INTERVIEW BY MARK WRIGHT
Pat Mills has long since acquired legendary status as one of the guiding lights of British comics. In 1977 he created and edited 2000AD, still known 40 years later as ‘the galaxy’s greatest comic’ and home of Judge Dredd. Then in 1979, he and co-writer (and Dredd co-creator) John Wagner wrote the very first comic strips to grace the pages of Doctor Who Weekly, including the classic The Iron Legion.
Around the same time, the duo attempted to step from the printed page to television Doctor Who with an imaginative adventure called The Song of the Space Whale. The idea was destined to become one of the series’ mythical ‘lost stories’ and would be three decades in the making…
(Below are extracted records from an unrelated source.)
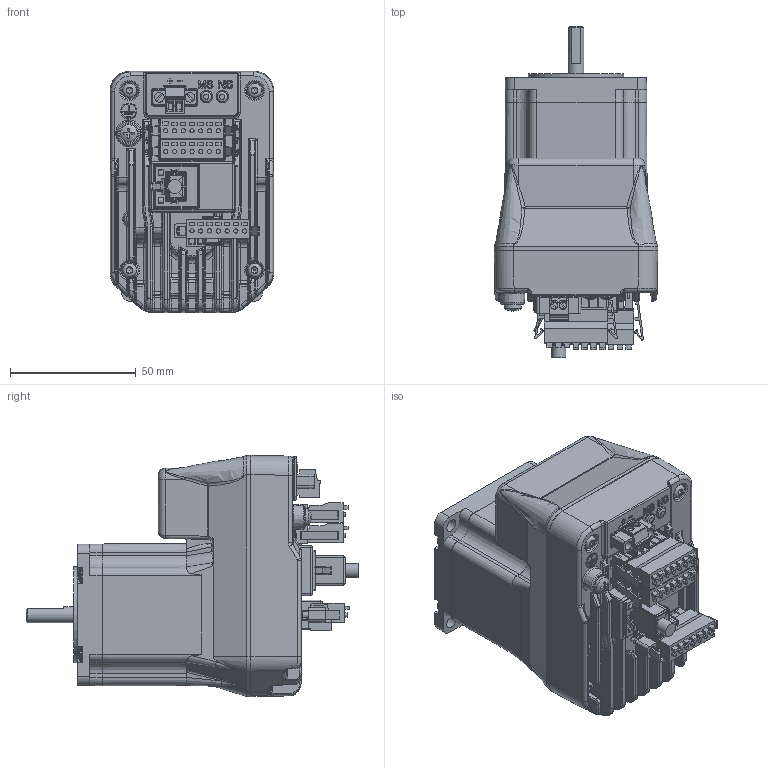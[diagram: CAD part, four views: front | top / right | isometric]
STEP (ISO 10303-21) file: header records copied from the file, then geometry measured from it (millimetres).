
FILE_DESCRIPTION(('LMDXE57-Double-Stack Web Model.stp'),'1');
FILE_NAME('T:/Kubotek Models For Design Assemblies/On-Line web models/LMD23/LMDXE57-Double-Stack Web Model.stp', '2013-04-02T15:56:24',('P. Bordua, 04/02/13'), ('Schneider Electric Motion USA'), 'KCM Version 1.1.514.0', 'Kubotek KeyCreator', 'Kubotek KeyCreator 2012 11.3.1');
FILE_SCHEMA(('AUTOMOTIVE_DESIGN'));
Length unit declared in the file: inch
Bounding box: 65.15 x 132.26 x 96.07 mm (x, y, z)
Volume: 396220.6 mm3; surface area: 65319.5 mm2
Topology: 9 solids, 9 shells, 4390 faces, 11233 edges, 7092 vertices
Faces by surface type: plane 2547, cylinder 940, bspline 643, cone 123, torus 77, sphere 55, extrusion 5
Full cylindrical faces by diameter (mm): 1.6 x31, 1.611 x4, 1.686 x28, 2.5 x2, 3.505 x1, 3.792 x4, 5.004 x6, 5.588 x2, 5.6 x4, 6.35 x1, 6.858 x1, 7.62 x1, 16.18 x1, 38.1 x1
Entity records: 152806 total; most frequent: CARTESIAN_POINT 63716, ORIENTED_EDGE 16938, DIRECTION 14639, EDGE_CURVE 8469, VERTEX_POINT 5332, VECTOR 5217, LINE 5212, AXIS2_PLACEMENT_3D 4711
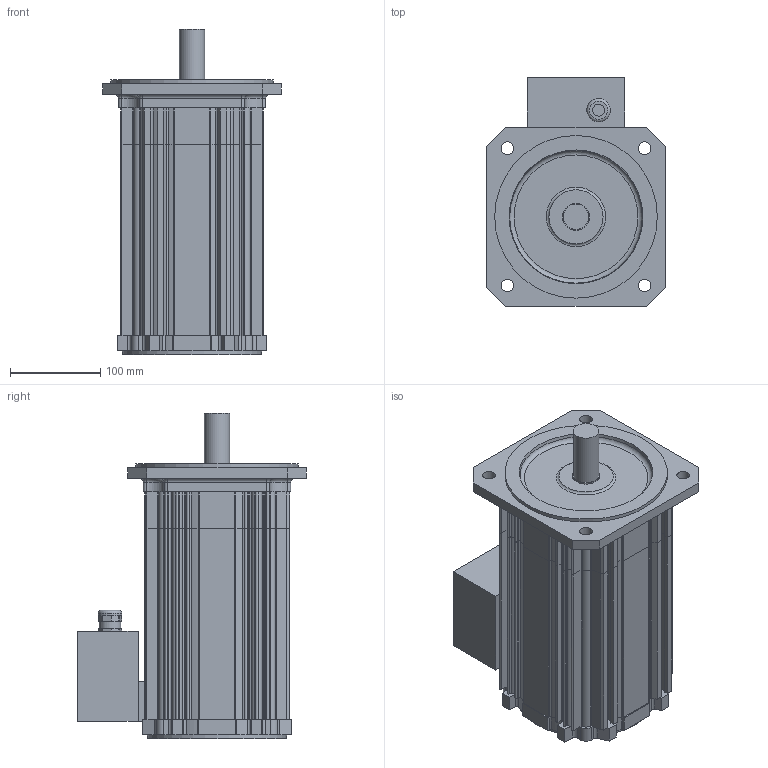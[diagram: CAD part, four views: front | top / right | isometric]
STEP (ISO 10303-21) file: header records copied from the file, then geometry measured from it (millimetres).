
FILE_DESCRIPTION(/* description */ (''),/* implementation_level */ '2;1');
FILE_NAME(/* name */ 'KSA8412',/* time_stamp */ '2009-02-26T16:04:01+01:00',/* author */ (''),/* organization */ (''),/* preprocessor_version */ 'ST-DEVELOPER v8',/* originating_system */ 'UNIGRAPHICS SOLUTIONS - UNIGRAPHICS 18.0',/* authorisation */ '');
FILE_SCHEMA (('AUTOMOTIVE_DESIGN { 1 2 10303 214 0 1 1 1 }'));
Length unit declared in the file: millimetre
Products named in the file (6): 0280391600_0; Lagersch_8BS_0; Lagersch_8AS_0; 089107X_0; SK3958_0; KSA8412_0
Assembly tree (5 placements, depth 3):
  KSA8412_0
    089107X_0
    Lagersch_8AS_0
    Lagersch_8BS_0
    SK3958_0
      0280391600_0
Bounding box: 198 x 253.35 x 360 mm (x, y, z)
Volume: 3186263.1 mm3; surface area: 676339.9 mm2
Topology: 6 solids, 6 shells, 666 faces, 1889 edges, 1249 vertices
Faces by surface type: cylinder 339, plane 302, torus 23, cone 2
Full cylindrical faces by diameter (mm): 13 x1, 14 x4, 20 x2, 24 x1, 26 x1, 28 x1, 30 x1, 35 x1, 143 x1, 149.6 x2, 151 x2, 154 x1, 180 x1
Entity records: 21937 total; most frequent: DIRECTION 3904, CARTESIAN_POINT 3892, ORIENTED_EDGE 3716, EDGE_CURVE 1858, AXIS2_PLACEMENT_3D 1398, VERTEX_POINT 1242, LINE 1108, VECTOR 1108
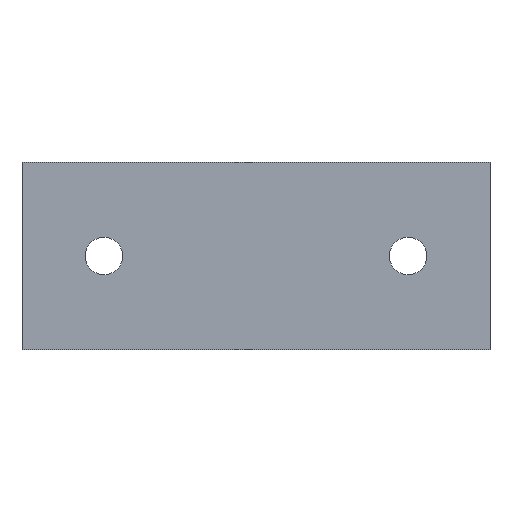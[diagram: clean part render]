
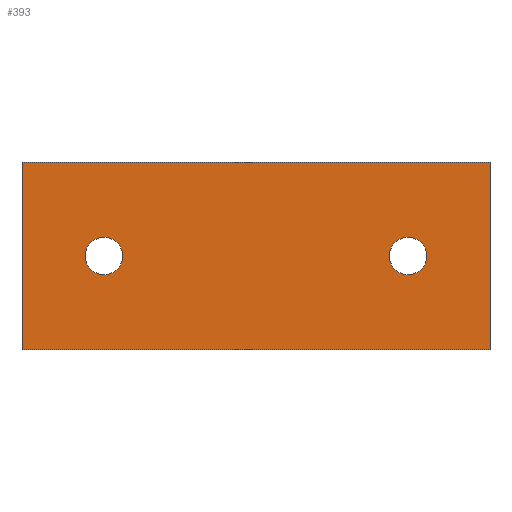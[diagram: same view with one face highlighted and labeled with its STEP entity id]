
A CAD part, top view. The second image highlights one B-rep face of the part: STEP entity #393.
In plain terms, the highlighted planar face has unit normal (0, 0, 1).
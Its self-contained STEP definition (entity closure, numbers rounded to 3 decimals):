
#186=CIRCLE('',#378,8.);
#187=CIRCLE('',#379,8.);
#202=ORIENTED_EDGE('',*,*,#258,.F.);
#203=ORIENTED_EDGE('',*,*,#268,.T.);
#204=ORIENTED_EDGE('',*,*,#265,.T.);
#205=ORIENTED_EDGE('',*,*,#269,.T.);
#206=ORIENTED_EDGE('',*,*,#270,.F.);
#207=ORIENTED_EDGE('',*,*,#271,.F.);
#222=VECTOR('',#304,1.);
#227=VECTOR('',#317,1.);
#230=VECTOR('',#322,1.);
#231=VECTOR('',#323,1.);
#234=LINE('',#343,#222);
#239=LINE('',#358,#227);
#242=LINE('',#362,#230);
#243=LINE('',#363,#231);
#246=VERTEX_POINT('',#340);
#247=VERTEX_POINT('',#342);
#252=VERTEX_POINT('',#356);
#253=VERTEX_POINT('',#357);
#254=VERTEX_POINT('',#364);
#255=VERTEX_POINT('',#366);
#258=EDGE_CURVE('',#246,#247,#234,.T.);
#265=EDGE_CURVE('',#252,#253,#239,.T.);
#268=EDGE_CURVE('',#246,#252,#242,.T.);
#269=EDGE_CURVE('',#253,#247,#243,.T.);
#270=EDGE_CURVE('',#254,#254,#186,.T.);
#271=EDGE_CURVE('',#255,#255,#187,.T.);
#277=EDGE_LOOP('',(#202,#203,#204,#205));
#278=EDGE_LOOP('',(#206));
#279=EDGE_LOOP('',(#207));
#291=FACE_BOUND('',#277,.T.);
#292=FACE_BOUND('',#278,.T.);
#293=FACE_BOUND('',#279,.T.);
#304=DIRECTION('',(200.,0.,0.));
#317=DIRECTION('',(200.,0.,0.));
#320=DIRECTION('',(0.,0.,1.));
#321=DIRECTION('',(0.,-1.,0.));
#322=DIRECTION('',(0.,-80.,0.));
#323=DIRECTION('',(0.,80.,0.));
#324=DIRECTION('',(0.,0.,1.));
#325=DIRECTION('',(0.,-8.,0.));
#326=DIRECTION('',(0.,0.,1.));
#327=DIRECTION('',(0.,-8.,0.));
#340=CARTESIAN_POINT('',(-200.,40.,5.));
#342=CARTESIAN_POINT('',(0.,40.,5.));
#343=CARTESIAN_POINT('',(-200.,40.,5.));
#356=CARTESIAN_POINT('',(-200.,-40.,5.));
#357=CARTESIAN_POINT('',(0.,-40.,5.));
#358=CARTESIAN_POINT('',(-200.,-40.,5.));
#361=CARTESIAN_POINT('',(0.,40.,5.));
#362=CARTESIAN_POINT('',(-200.,40.,5.));
#363=CARTESIAN_POINT('',(0.,-40.,5.));
#364=CARTESIAN_POINT('',(-35.,-8.,5.));
#365=CARTESIAN_POINT('',(-35.,0.,5.));
#366=CARTESIAN_POINT('',(-165.,-8.,5.));
#367=CARTESIAN_POINT('',(-165.,0.,5.));
#377=AXIS2_PLACEMENT_3D('',#361,#320,#321);
#378=AXIS2_PLACEMENT_3D('',#365,#324,#325);
#379=AXIS2_PLACEMENT_3D('',#367,#326,#327);
#387=PLANE('',#377);
#393=ADVANCED_FACE('',(#291,#292,#293),#387,.T.);
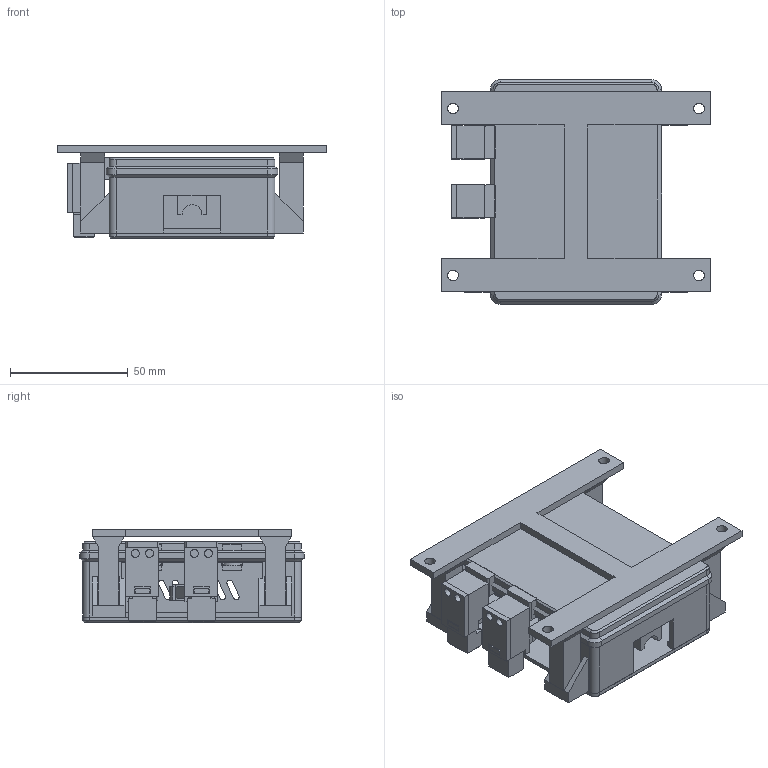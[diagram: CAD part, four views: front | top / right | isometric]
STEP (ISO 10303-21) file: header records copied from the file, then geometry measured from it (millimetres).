
FILE_DESCRIPTION(('SolidCraft model'),'2;1');
FILE_NAME('button_guide_clearance-low-native.step','',(''),(''),'SolidCraft','SolidCraft','');
FILE_SCHEMA(('AP242_MANAGED_MODEL_BASED_3D_ENGINEERING_MIM_LF { 1 0 10303 442 1 1 4 }'));
Length unit declared in the file: millimetre
Products named in the file (1): button_guide_clearance-low-native
Bounding box: 114.3 x 95.2 x 39.6 mm (x, y, z)
Volume: 95857.1 mm3; surface area: 78910.4 mm2
Topology: 26 solids, 26 shells, 690 faces, 1831 edges, 1234 vertices
Faces by surface type: plane 546, cylinder 124, cone 16, bspline 4
Full cylindrical faces by diameter (mm): 3.4 x22, 4 x19, 4.5 x4
Entity records: 17569 total; most frequent: CARTESIAN_POINT 3803, ORIENTED_EDGE 3662, EDGE_CURVE 1831, LINE 1433, VERTEX_POINT 1234, DIRECTION 952, VECTOR 889, EDGE_LOOP 829

“John Wagner and myself submitted a story to [Doctor Who script editor] Anthony Read which got turned down”, recalls Pat from his home in Spain. “And then along came Doctor Who Weekly and we got rooted in that direction.” But this didn’t stop Pat and John from having a second crack at the TV series. “We thought up this space whale story and I mentioned it to my then-wife, Angela. She thought it was great and that we should submit it to the BBC, which we did. It was read by the script department, who referred it to Christopher H Bidmead who had just taken over as script editor on Doctor Who. Chris responded very, very positively to the story.”